Top of RECORDS FOR THE TASK
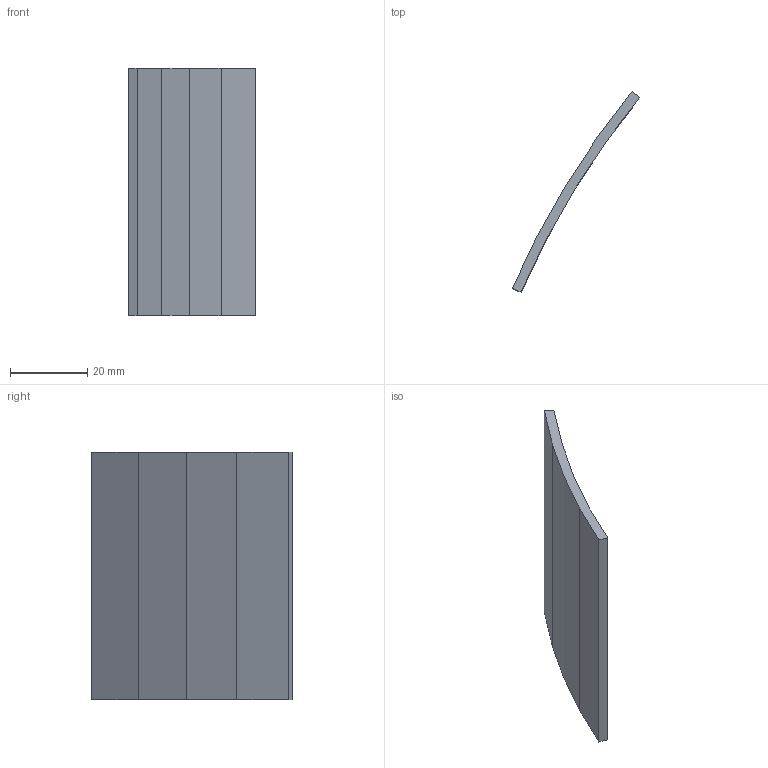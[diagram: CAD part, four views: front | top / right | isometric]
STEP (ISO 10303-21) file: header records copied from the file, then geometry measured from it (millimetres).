
FILE_DESCRIPTION(('Open CASCADE Model'),'2;1');
FILE_NAME('Open CASCADE Shape Model','2026-09-19T23:46:39',('Author'),( 'Open CASCADE'),'Open CASCADE STEP processor 7.9','Open CASCADE 7.9' ,'Unknown');
FILE_SCHEMA(('AUTOMOTIVE_DESIGN { 1 0 10303 214 1 1 1 1 }'));
Length unit declared in the file: millimetre
Products named in the file (1): Open CASCADE STEP translator 7.9 29
Bounding box: 32.98 x 51.83 x 64 mm (x, y, z)
Volume: 9498.4 mm3; surface area: 8223.5 mm2
Topology: 1 solids, 1 shells, 12 faces, 30 edges, 20 vertices
Faces by surface type: plane 12
Entity records: 724 total; most frequent: CARTESIAN_POINT 153, DIRECTION 86, ORIENTED_EDGE 60, LINE 60, VECTOR 60, PCURVE 60, DEFINITIONAL_REPRESENTATION 60, EDGE_CURVE 30
Bottom of RECORDS FOR THE TASK
■ WHAT IS REQUIRED
Without carrying over any picture, write out the entries above once more, exactly.

■ EXERCISE ANSWER
[diagram: CAD part, four views: front | top / right | isometric]
STEP (ISO 10303-21) file: header records copied from the file, then geometry measured from it (millimetres).
FILE_DESCRIPTION(('Open CASCADE Model'),'2;1');
FILE_NAME('Open CASCADE Shape Model','2026-09-19T23:46:39',('Author'),( 'Open CASCADE'),'Open CASCADE STEP processor 7.9','Open CASCADE 7.9' ,'Unknown');
FILE_SCHEMA(('AUTOMOTIVE_DESIGN { 1 0 10303 214 1 1 1 1 }'));
Length unit declared in the file: millimetre
Products named in the file (1): Open CASCADE STEP translator 7.9 29
Bounding box: 32.98 x 51.83 x 64 mm (x, y, z)
Volume: 9498.4 mm3; surface area: 8223.5 mm2
Topology: 1 solids, 1 shells, 12 faces, 30 edges, 20 vertices
Faces by surface type: plane 12
Entity records: 724 total; most frequent: CARTESIAN_POINT 153, DIRECTION 86, ORIENTED_EDGE 60, LINE 60, VECTOR 60, PCURVE 60, DEFINITIONAL_REPRESENTATION 60, EDGE_CURVE 30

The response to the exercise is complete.